▶ **Try it**
Copy each entry below verbatim. Skip the pictures.
Start of Dataset records
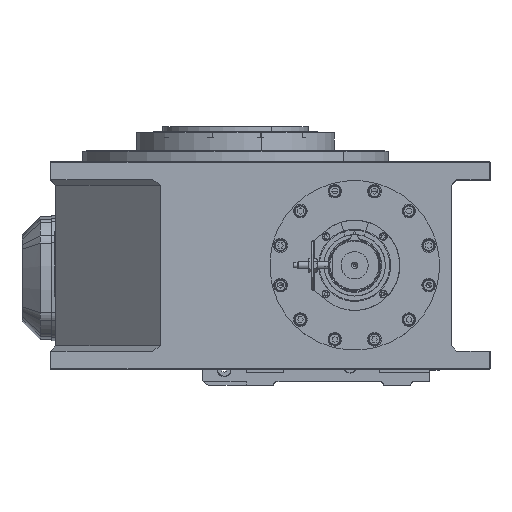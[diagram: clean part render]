
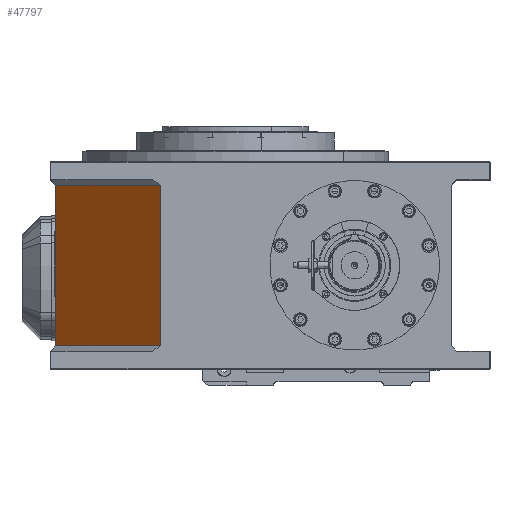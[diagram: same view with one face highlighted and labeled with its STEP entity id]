
A CAD part, top view. The second image highlights one B-rep face of the part: STEP entity #47797.
In plain terms, the highlighted planar face has unit normal (-0.707, 0, 0.707).
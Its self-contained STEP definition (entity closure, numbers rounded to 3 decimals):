
#797 = VERTEX_POINT ( 'NONE', #67378 ) ;
#5084 = CARTESIAN_POINT ( 'NONE',  ( -199., 204., 83.259 ) ) ;
#6215 = ORIENTED_EDGE ( 'NONE', *, *, #49340, .F. ) ;
#6816 = EDGE_CURVE ( 'NONE', #14999, #797, #59338, .T. ) ;
#8820 = DIRECTION ( 'NONE',  ( 0., -1., 0. ) ) ;
#10271 = EDGE_CURVE ( 'NONE', #19224, #14999, #41593, .T. ) ;
#10668 = EDGE_LOOP ( 'NONE', ( #6215, #44823, #37616, #19649 ) ) ;
#11981 = DIRECTION ( 'NONE',  ( -0.707, 0., -0.707 ) ) ;
#12845 = VECTOR ( 'NONE', #50185, 1000. ) ;
#14999 = VERTEX_POINT ( 'NONE', #19705 ) ;
#16443 = CARTESIAN_POINT ( 'NONE',  ( -199., 204., 83.259 ) ) ;
#16497 = VECTOR ( 'NONE', #11981, 1000. ) ;
#19224 = VERTEX_POINT ( 'NONE', #16443 ) ;
#19649 = ORIENTED_EDGE ( 'NONE', *, *, #6816, .T. ) ;
#19705 = CARTESIAN_POINT ( 'NONE',  ( -199., 26., 83.259 ) ) ;
#19958 = DIRECTION ( 'NONE',  ( -0.707, 0., -0.707 ) ) ;
#23918 = LINE ( 'NONE', #57558, #12845 ) ;
#29574 = VECTOR ( 'NONE', #8820, 1000. ) ;
#37616 = ORIENTED_EDGE ( 'NONE', *, *, #10271, .T. ) ;
#38968 = FACE_OUTER_BOUND ( 'NONE', #10668, .T. ) ;
#41593 = LINE ( 'NONE', #48891, #29574 ) ;
#42813 = AXIS2_PLACEMENT_3D ( 'NONE', #52766, #78961, #19958 ) ;
#44823 = ORIENTED_EDGE ( 'NONE', *, *, #77304, .T. ) ;
#45187 = LINE ( 'NONE', #5084, #16497 ) ;
#47797 = ADVANCED_FACE ( 'NONE', ( #38968 ), #51920, .F. ) ;
#48891 = CARTESIAN_POINT ( 'NONE',  ( -199., 210., 83.259 ) ) ;
#49340 = EDGE_CURVE ( 'NONE', #56779, #797, #23918, .T. ) ;
#50185 = DIRECTION ( 'NONE',  ( 0., -1., 0. ) ) ;
#51920 = PLANE ( 'NONE',  #42813 ) ;
#52766 = CARTESIAN_POINT ( 'NONE',  ( -83.259, 210., 199. ) ) ;
#56779 = VERTEX_POINT ( 'NONE', #79673 ) ;
#57558 = CARTESIAN_POINT ( 'NONE',  ( -83.259, 210., 199. ) ) ;
#59338 = LINE ( 'NONE', #83435, #66906 ) ;
#66906 = VECTOR ( 'NONE', #83859, 1000. ) ;
#67378 = CARTESIAN_POINT ( 'NONE',  ( -83.259, 26., 199. ) ) ;
#77304 = EDGE_CURVE ( 'NONE', #56779, #19224, #45187, .T. ) ;
#78961 = DIRECTION ( 'NONE',  ( 0.707, 0., -0.707 ) ) ;
#79673 = CARTESIAN_POINT ( 'NONE',  ( -83.259, 204., 199. ) ) ;
#83435 = CARTESIAN_POINT ( 'NONE',  ( -83.259, 26., 199. ) ) ;
#83859 = DIRECTION ( 'NONE',  ( 0.707, 0., 0.707 ) ) ;
End of Dataset records
▶ **Solution to the exercise**
[diagram: clean part render]
[diagram: same view with one face highlighted and labeled with its STEP entity id]
A CAD part, top view. The second image highlights one B-rep face of the part: STEP entity #47797.
In plain terms, the highlighted planar face has unit normal (-0.707, 0, 0.707).
Its self-contained STEP definition (entity closure, numbers rounded to 3 decimals):
#797 = VERTEX_POINT ( 'NONE', #67378 ) ;
#5084 = CARTESIAN_POINT ( 'NONE',  ( -199., 204., 83.259 ) ) ;
#6215 = ORIENTED_EDGE ( 'NONE', *, *, #49340, .F. ) ;
#6816 = EDGE_CURVE ( 'NONE', #14999, #797, #59338, .T. ) ;
#8820 = DIRECTION ( 'NONE',  ( 0., -1., 0. ) ) ;
#10271 = EDGE_CURVE ( 'NONE', #19224, #14999, #41593, .T. ) ;
#10668 = EDGE_LOOP ( 'NONE', ( #6215, #44823, #37616, #19649 ) ) ;
#11981 = DIRECTION ( 'NONE',  ( -0.707, 0., -0.707 ) ) ;
#12845 = VECTOR ( 'NONE', #50185, 1000. ) ;
#14999 = VERTEX_POINT ( 'NONE', #19705 ) ;
#16443 = CARTESIAN_POINT ( 'NONE',  ( -199., 204., 83.259 ) ) ;
#16497 = VECTOR ( 'NONE', #11981, 1000. ) ;
#19224 = VERTEX_POINT ( 'NONE', #16443 ) ;
#19649 = ORIENTED_EDGE ( 'NONE', *, *, #6816, .T. ) ;
#19705 = CARTESIAN_POINT ( 'NONE',  ( -199., 26., 83.259 ) ) ;
#19958 = DIRECTION ( 'NONE',  ( -0.707, 0., -0.707 ) ) ;
#23918 = LINE ( 'NONE', #57558, #12845 ) ;
#29574 = VECTOR ( 'NONE', #8820, 1000. ) ;
#37616 = ORIENTED_EDGE ( 'NONE', *, *, #10271, .T. ) ;
#38968 = FACE_OUTER_BOUND ( 'NONE', #10668, .T. ) ;
#41593 = LINE ( 'NONE', #48891, #29574 ) ;
#42813 = AXIS2_PLACEMENT_3D ( 'NONE', #52766, #78961, #19958 ) ;
#44823 = ORIENTED_EDGE ( 'NONE', *, *, #77304, .T. ) ;
#45187 = LINE ( 'NONE', #5084, #16497 ) ;
#47797 = ADVANCED_FACE ( 'NONE', ( #38968 ), #51920, .F. ) ;
#48891 = CARTESIAN_POINT ( 'NONE',  ( -199., 210., 83.259 ) ) ;
#49340 = EDGE_CURVE ( 'NONE', #56779, #797, #23918, .T. ) ;
#50185 = DIRECTION ( 'NONE',  ( 0., -1., 0. ) ) ;
#51920 = PLANE ( 'NONE',  #42813 ) ;
#52766 = CARTESIAN_POINT ( 'NONE',  ( -83.259, 210., 199. ) ) ;
#56779 = VERTEX_POINT ( 'NONE', #79673 ) ;
#57558 = CARTESIAN_POINT ( 'NONE',  ( -83.259, 210., 199. ) ) ;
#59338 = LINE ( 'NONE', #83435, #66906 ) ;
#66906 = VECTOR ( 'NONE', #83859, 1000. ) ;
#67378 = CARTESIAN_POINT ( 'NONE',  ( -83.259, 26., 199. ) ) ;
#77304 = EDGE_CURVE ( 'NONE', #56779, #19224, #45187, .T. ) ;
#78961 = DIRECTION ( 'NONE',  ( 0.707, 0., -0.707 ) ) ;
#79673 = CARTESIAN_POINT ( 'NONE',  ( -83.259, 204., 199. ) ) ;
#83435 = CARTESIAN_POINT ( 'NONE',  ( -83.259, 26., 199. ) ) ;
#83859 = DIRECTION ( 'NONE',  ( 0.707, 0., 0.707 ) ) ;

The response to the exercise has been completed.